> [Problem to work on]:
Check each line of the entries below for the word "under", and copy out the ones that have it.

> [Source information]:
.....

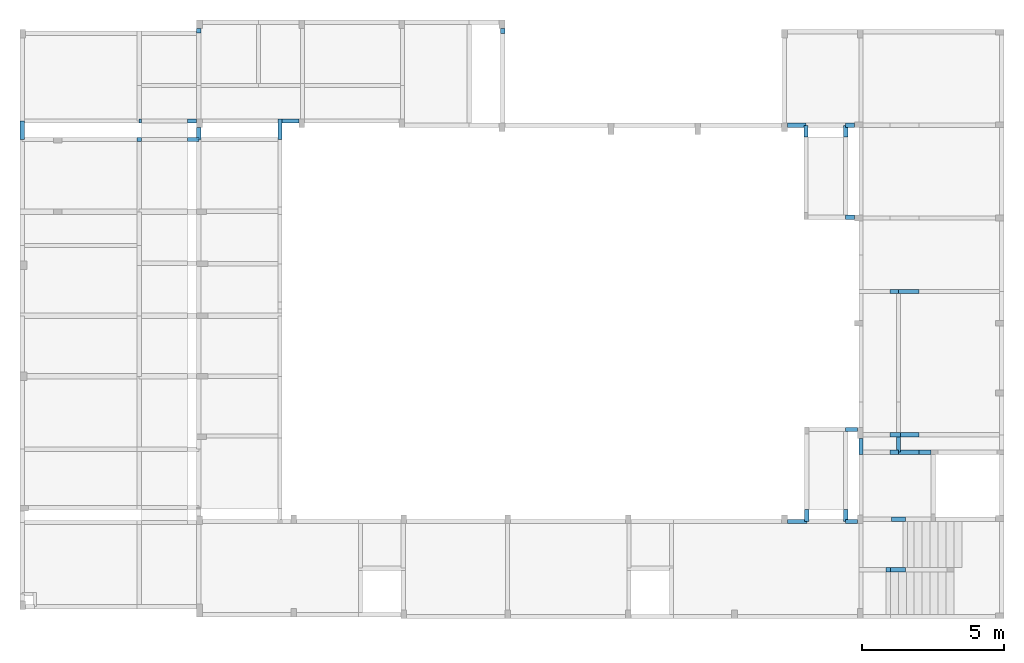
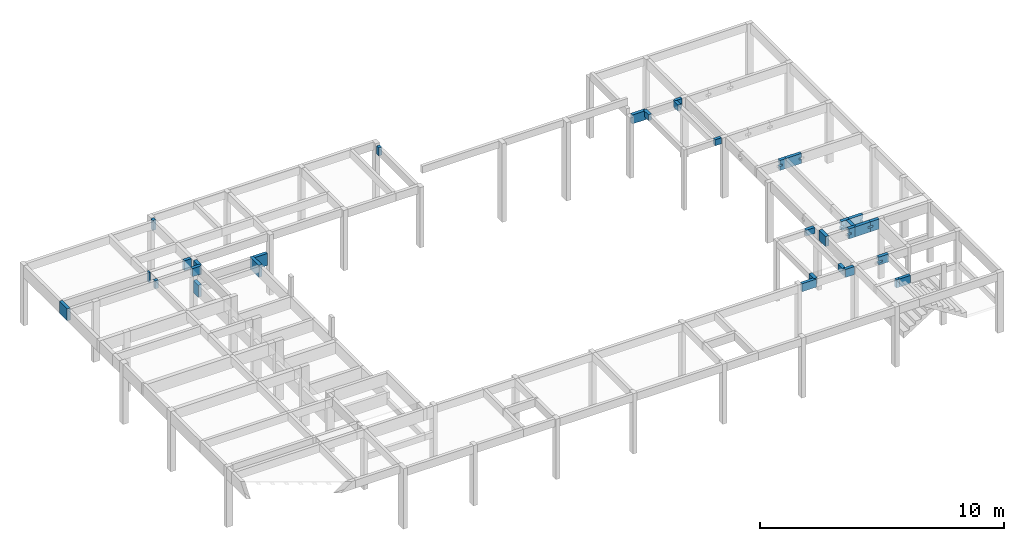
# One storey, part 6 of 21: 33 beams, 8 openings.
"""IFC4 building model written with IfcOpenShell, lengths in centimetres."""

from ifc_helpers import new_model, si_unit, derived_unit, frame, origin_with_axes, origin_2d_with_axis, place, context, project, spatial, rectangle, extrude, material, element, save


model = new_model("IFC4")

# Units and contexts
model_context = context("Model", 3, precision=1e-05, world=origin_with_axes(), identifier="Body")
ifc_project = project(units=[si_unit("LENGTHUNIT", "METRE", prefix="CENTI"), si_unit("VOLUMEUNIT", "CUBIC_METRE"), si_unit("AREAUNIT", "SQUARE_METRE"), si_unit("POWERUNIT", "WATT"), si_unit("LUMINOUSFLUXUNIT", "LUMEN"), si_unit("ELECTRICCURRENTUNIT", "AMPERE"), si_unit("PRESSUREUNIT", "PASCAL", prefix="KILO"), si_unit("MASSUNIT", "GRAM", prefix="KILO"), si_unit("PLANEANGLEUNIT", "RADIAN"), derived_unit("VOLUMETRICFLOWRATEUNIT", [(si_unit("LENGTHUNIT", "METRE"), 3), (si_unit("TIMEUNIT", "SECOND"), -1)])], contexts=[model_context])

# Site, building, storey
site_placement = place(None, origin_with_axes())
site = spatial("IfcSite", under=ifc_project, at=site_placement)
building_placement = place(site_placement, frame((0.0, 0.0, -295.0)))
building = spatial("IfcBuilding", under=site, at=building_placement)
placement_1 = place(building_placement, origin_with_axes())
placement_2 = place(placement_1, frame((0.0, 0.0, 101.0), z_axis=(0.0, 0.0, 1.0), x_axis=(1.0, 0.0, 0.0)))
placement_3 = place(placement_2, frame((0.0, 0.0, 204.0), z_axis=(0.0, 0.0, 1.0), x_axis=(1.0, 0.0, 0.0)))
placement_4 = place(placement_3, frame((0.0, 0.0, 292.0), z_axis=(0.0, 0.0, 1.0), x_axis=(1.0, 0.0, 0.0)))
storey_placement = place(placement_4, frame((0.0, 0.0, 302.0), z_axis=(0.0, 0.0, 1.0), x_axis=(1.0, 0.0, 0.0)))
storey = spatial("IfcBuildingStorey", under=building, at=storey_placement, Name="PAVTO 02", CompositionType="ELEMENT", Elevation=604.0)

# Beams
ifc_material = material(Name="Concreto")
beam_1_placement = place(storey_placement, frame((1157.4, -5427.19, 0.0), z_axis=(0.0, 0.0, 1.0), x_axis=(1.0, 0.0, 0.0)))
element("IfcBeam", 1, at=beam_1_placement, inside=storey, material=ifc_material, Name="V205", context=model_context, shape_type="SolidModel", body=[
    extrude(rectangle(XDim=15.0, YDim=50.0, at=origin_2d_with_axis()), frame((-16.5, 0.0, -25.0), z_axis=(1.0, 0.0, 0.0), x_axis=(0.0, -1.0, 0.0)), (0.0, 0.0, 1.0), 33.0),
])
beam_2_placement = place(storey_placement, frame((975.775, -5427.19, 0.0), z_axis=(0.0, 0.0, 1.0), x_axis=(1.0, 0.0, 0.0)))
element("IfcBeam", 2, at=beam_2_placement, inside=storey, material=ifc_material, Name="V205", context=model_context, shape_type="SolidModel", body=[
    extrude(rectangle(XDim=15.0, YDim=50.0, at=origin_2d_with_axis()), frame((-4.205, 0.0, -25.0), z_axis=(1.0, 0.0, 0.0), x_axis=(0.0, -1.0, 0.0)), (0.0, 0.0, 1.0), 8.41),
])
beam_3_placement = place(storey_placement, frame((1161.15, -5491.66, 0.0), z_axis=(0.0, 0.0, 1.0), x_axis=(1.0, 0.0, 0.0)))
element("IfcBeam", 3, at=beam_3_placement, inside=storey, material=ifc_material, Name="V207", context=model_context, shape_type="SolidModel", body=[
    extrude(rectangle(XDim=15.0, YDim=40.0, at=origin_2d_with_axis()), frame((-20.25, 0.0, -20.0), z_axis=(1.0, 0.0, 0.0), x_axis=(0.0, -1.0, 0.0)), (0.0, 0.0, 1.0), 40.5),
])
beam_4_placement = place(storey_placement, frame((972.025, -5491.66, 0.0), z_axis=(0.0, 0.0, 1.0), x_axis=(1.0, 0.0, 0.0)))
element("IfcBeam", 4, at=beam_4_placement, inside=storey, material=ifc_material, Name="V207", context=model_context, shape_type="SolidModel", body=[
    extrude(rectangle(XDim=15.0, YDim=40.0, at=origin_2d_with_axis()), frame((-7.955, 0.0, -20.0), z_axis=(1.0, 0.0, 0.0), x_axis=(0.0, -1.0, 0.0)), (0.0, 0.0, 1.0), 15.91),
])
beam_5_placement = place(storey_placement, frame((3474.96, -5442.12, 0.0), z_axis=(0.0, 0.0, 1.0), x_axis=(1.0, 0.0, 0.0)))
element("IfcBeam", 5, at=beam_5_placement, inside=storey, material=ifc_material, Name="V210", context=model_context, shape_type="SolidModel", body=[
    extrude(rectangle(XDim=15.0, YDim=45.0, at=origin_2d_with_axis()), frame((-15.75, 0.0, -22.5), z_axis=(1.0, 0.0, 0.0), x_axis=(0.0, -1.0, 0.0)), (0.0, 0.0, 1.0), 31.5),
])
beam_6_placement = place(storey_placement, frame((3286.565, -5442.12, 0.0), z_axis=(0.0, 0.0, 1.0), x_axis=(1.0, 0.0, 0.0)))
element("IfcBeam", 6, at=beam_6_placement, inside=storey, material=ifc_material, Name="V210", context=model_context, shape_type="SolidModel", body=[
    extrude(rectangle(XDim=15.0, YDim=45.0, at=origin_2d_with_axis()), frame((-32.835, 0.0, -22.5), z_axis=(1.0, 0.0, 0.0), x_axis=(0.0, -1.0, 0.0)), (0.0, 0.0, 1.0), 65.67),
])
beam_7_placement = place(storey_placement, frame((3474.98, -5766.05, 0.0), z_axis=(0.0, 0.0, 1.0), x_axis=(1.0, 0.0, 0.0)))
element("IfcBeam", 7, at=beam_7_placement, inside=storey, material=ifc_material, Name="V212", context=model_context, shape_type="SolidModel", body=[
    extrude(rectangle(XDim=15.0, YDim=30.0, at=origin_2d_with_axis()), frame((-15.75, 0.0, -15.0), z_axis=(1.0, 0.0, 0.0), x_axis=(0.0, -1.0, 0.0)), (0.0, 0.0, 1.0), 31.5),
])

# Beam, opening
beam_8_placement = place(storey_placement, frame((3630.4, -6027.05, 0.0), z_axis=(0.0, 0.0, 1.0), x_axis=(1.0, 0.0, 0.0)))
beam_8 = element("IfcBeam", 8, at=beam_8_placement, inside=storey, material=ifc_material, Name="V216", context=model_context, shape_type="SolidModel", body=[
    extrude(rectangle(XDim=15.0, YDim=50.0, at=origin_2d_with_axis()), frame((-15.0, 0.0, -25.0), z_axis=(1.0, 0.0, 0.0), x_axis=(0.0, -1.0, 0.0)), (0.0, 0.0, 1.0), 30.0),
])
opening_1_placement = place(storey_placement, frame((3615.4, -6027.05, -20.0), z_axis=(0.0, 0.0, 1.0), x_axis=(1.0, 0.0, 0.0)))
element("IfcOpeningElement", 9, at=opening_1_placement, cuts=beam_8, material=ifc_material, Name="V216 - Abertura 1", context=model_context, shape_type="SweptSolid", body=[
    extrude(rectangle(XDim=25.0, YDim=10.0, at=origin_2d_with_axis()), frame((0.0, -7.6, -5.0), z_axis=(0.0, 1.0, 0.0), x_axis=(-1.0, 0.0, 0.0)), (0.0, 0.0, 1.0), 15.2),
])

beam_9_placement = place(storey_placement, frame((3681.825, -6027.05, 0.0), z_axis=(0.0, 0.0, 1.0), x_axis=(1.0, 0.0, 0.0)))
beam_9 = element("IfcBeam", 10, at=beam_9_placement, inside=storey, material=ifc_material, Name="V216", context=model_context, shape_type="SolidModel", body=[
    extrude(rectangle(XDim=15.0, YDim=50.0, at=origin_2d_with_axis()), frame((-36.425, 0.0, -25.0), z_axis=(1.0, 0.0, 0.0), x_axis=(0.0, -1.0, 0.0)), (0.0, 0.0, 1.0), 72.85),
])
opening_2_placement = place(storey_placement, frame((3718.25, -6027.05, -20.0), z_axis=(0.0, 0.0, 1.0), x_axis=(1.0, 0.0, 0.0)))
element("IfcOpeningElement", 11, at=opening_2_placement, cuts=beam_9, material=ifc_material, Name="V216 - Abertura 1", context=model_context, shape_type="SweptSolid", body=[
    extrude(rectangle(XDim=25.0, YDim=10.0, at=origin_2d_with_axis()), frame((0.0, -7.6, -5.0), z_axis=(0.0, 1.0, 0.0), x_axis=(-1.0, 0.0, 0.0)), (0.0, 0.0, 1.0), 15.2),
])

# Beam
beam_10_placement = place(storey_placement, frame((3479.98, -6513.05, 0.0), z_axis=(0.0, 0.0, 1.0), x_axis=(1.0, 0.0, 0.0)))
element("IfcBeam", 12, at=beam_10_placement, inside=storey, material=ifc_material, Name="V219", context=model_context, shape_type="SolidModel", body=[
    extrude(rectangle(XDim=15.0, YDim=30.0, at=origin_2d_with_axis()), frame((-20.75, 0.0, -15.0), z_axis=(1.0, 0.0, 0.0), x_axis=(0.0, -1.0, 0.0)), (0.0, 0.0, 1.0), 41.5),
])

# Beam, opening
beam_11_placement = place(storey_placement, frame((3681.825, -6532.05, 0.0), z_axis=(0.0, 0.0, 1.0), x_axis=(1.0, 0.0, 0.0)))
beam_11 = element("IfcBeam", 13, at=beam_11_placement, inside=storey, material=ifc_material, Name="V220", context=model_context, shape_type="SolidModel", body=[
    extrude(rectangle(XDim=15.0, YDim=45.0, at=origin_2d_with_axis()), frame((-36.425, 0.0, -22.5), z_axis=(1.0, 0.0, 0.0), x_axis=(0.0, -1.0, 0.0)), (0.0, 0.0, 1.0), 72.85),
])
opening_3_placement = place(storey_placement, frame((3718.25, -6532.05, -20.0), z_axis=(0.0, 0.0, 1.0), x_axis=(1.0, 0.0, 0.0)))
element("IfcOpeningElement", 14, at=opening_3_placement, cuts=beam_11, material=ifc_material, Name="V220 - Abertura 1", context=model_context, shape_type="SweptSolid", body=[
    extrude(rectangle(XDim=25.0, YDim=10.0, at=origin_2d_with_axis()), frame((0.0, -7.6, -5.0), z_axis=(0.0, 1.0, 0.0), x_axis=(-1.0, 0.0, 0.0)), (0.0, 0.0, 1.0), 15.2),
])

beam_12_placement = place(storey_placement, frame((3634.15, -6532.05, 0.0), z_axis=(0.0, 0.0, 1.0), x_axis=(1.0, 0.0, 0.0)))
beam_12 = element("IfcBeam", 15, at=beam_12_placement, inside=storey, material=ifc_material, Name="V220", context=model_context, shape_type="SolidModel", body=[
    extrude(rectangle(XDim=15.0, YDim=45.0, at=origin_2d_with_axis()), frame((-18.75, 0.0, -22.5), z_axis=(1.0, 0.0, 0.0), x_axis=(0.0, -1.0, 0.0)), (0.0, 0.0, 1.0), 37.5),
])
opening_4_placement = place(storey_placement, frame((3615.4, -6532.05, -20.0), z_axis=(0.0, 0.0, 1.0), x_axis=(1.0, 0.0, 0.0)))
element("IfcOpeningElement", 16, at=opening_4_placement, cuts=beam_12, material=ifc_material, Name="V220 - Abertura 1", context=model_context, shape_type="SweptSolid", body=[
    extrude(rectangle(XDim=25.0, YDim=10.0, at=origin_2d_with_axis()), frame((0.0, -7.6, -5.0), z_axis=(0.0, 1.0, 0.0), x_axis=(-1.0, 0.0, 0.0)), (0.0, 0.0, 1.0), 15.2),
])

beam_13_placement = place(storey_placement, frame((3738.99, -6592.81, 0.0), z_axis=(0.0, 0.0, 1.0), x_axis=(1.0, 0.0, 0.0)))
beam_13 = element("IfcBeam", 17, at=beam_13_placement, inside=storey, material=ifc_material, Name="V223", context=model_context, shape_type="SolidModel", body=[
    extrude(rectangle(XDim=15.0, YDim=50.0, at=origin_2d_with_axis()), frame((-20.74, 0.0, -25.0), z_axis=(1.0, 0.0, 0.0), x_axis=(0.0, -1.0, 0.0)), (0.0, 0.0, 1.0), 41.48),
])
opening_5_placement = place(storey_placement, frame((3718.25, -6592.81, -20.0), z_axis=(0.0, 0.0, 1.0), x_axis=(1.0, 0.0, 0.0)))
element("IfcOpeningElement", 18, at=opening_5_placement, cuts=beam_13, material=ifc_material, Name="V223 - Abertura 1", context=model_context, shape_type="SweptSolid", body=[
    extrude(rectangle(XDim=25.0, YDim=10.0, at=origin_2d_with_axis()), frame((0.0, -7.6, -5.0), z_axis=(0.0, 1.0, 0.0), x_axis=(-1.0, 0.0, 0.0)), (0.0, 0.0, 1.0), 15.2),
])

beam_14_placement = place(storey_placement, frame((3630.4, -6592.81, 0.0), z_axis=(0.0, 0.0, 1.0), x_axis=(1.0, 0.0, 0.0)))
beam_14 = element("IfcBeam", 19, at=beam_14_placement, inside=storey, material=ifc_material, Name="V223", context=model_context, shape_type="SolidModel", body=[
    extrude(rectangle(XDim=15.0, YDim=50.0, at=origin_2d_with_axis()), frame((-15.0, 0.0, -25.0), z_axis=(1.0, 0.0, 0.0), x_axis=(0.0, -1.0, 0.0)), (0.0, 0.0, 1.0), 30.0),
])
opening_6_placement = place(storey_placement, frame((3615.4, -6592.81, -20.0), z_axis=(0.0, 0.0, 1.0), x_axis=(1.0, 0.0, 0.0)))
element("IfcOpeningElement", 20, at=opening_6_placement, cuts=beam_14, material=ifc_material, Name="V223 - Abertura 1", context=model_context, shape_type="SweptSolid", body=[
    extrude(rectangle(XDim=25.0, YDim=10.0, at=origin_2d_with_axis()), frame((0.0, -7.6, -5.0), z_axis=(0.0, 1.0, 0.0), x_axis=(-1.0, 0.0, 0.0)), (0.0, 0.0, 1.0), 15.2),
])

beam_15_placement = place(storey_placement, frame((3681.825, -6592.81, 0.0), z_axis=(0.0, 0.0, 1.0), x_axis=(1.0, 0.0, 0.0)))
beam_15 = element("IfcBeam", 21, at=beam_15_placement, inside=storey, material=ifc_material, Name="V223", context=model_context, shape_type="SolidModel", body=[
    extrude(rectangle(XDim=15.0, YDim=50.0, at=origin_2d_with_axis()), frame((-36.425, 0.0, -25.0), z_axis=(1.0, 0.0, 0.0), x_axis=(0.0, -1.0, 0.0)), (0.0, 0.0, 1.0), 72.85),
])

.....

> [Solution for this exercise]:
site = spatial("IfcSite", under=ifc_project, at=site_placement)
building = spatial("IfcBuilding", under=site, at=building_placement)
storey = spatial("IfcBuildingStorey", under=building, at=storey_placement, Name="PAVTO 02", CompositionType="ELEMENT", Elevation=604.0)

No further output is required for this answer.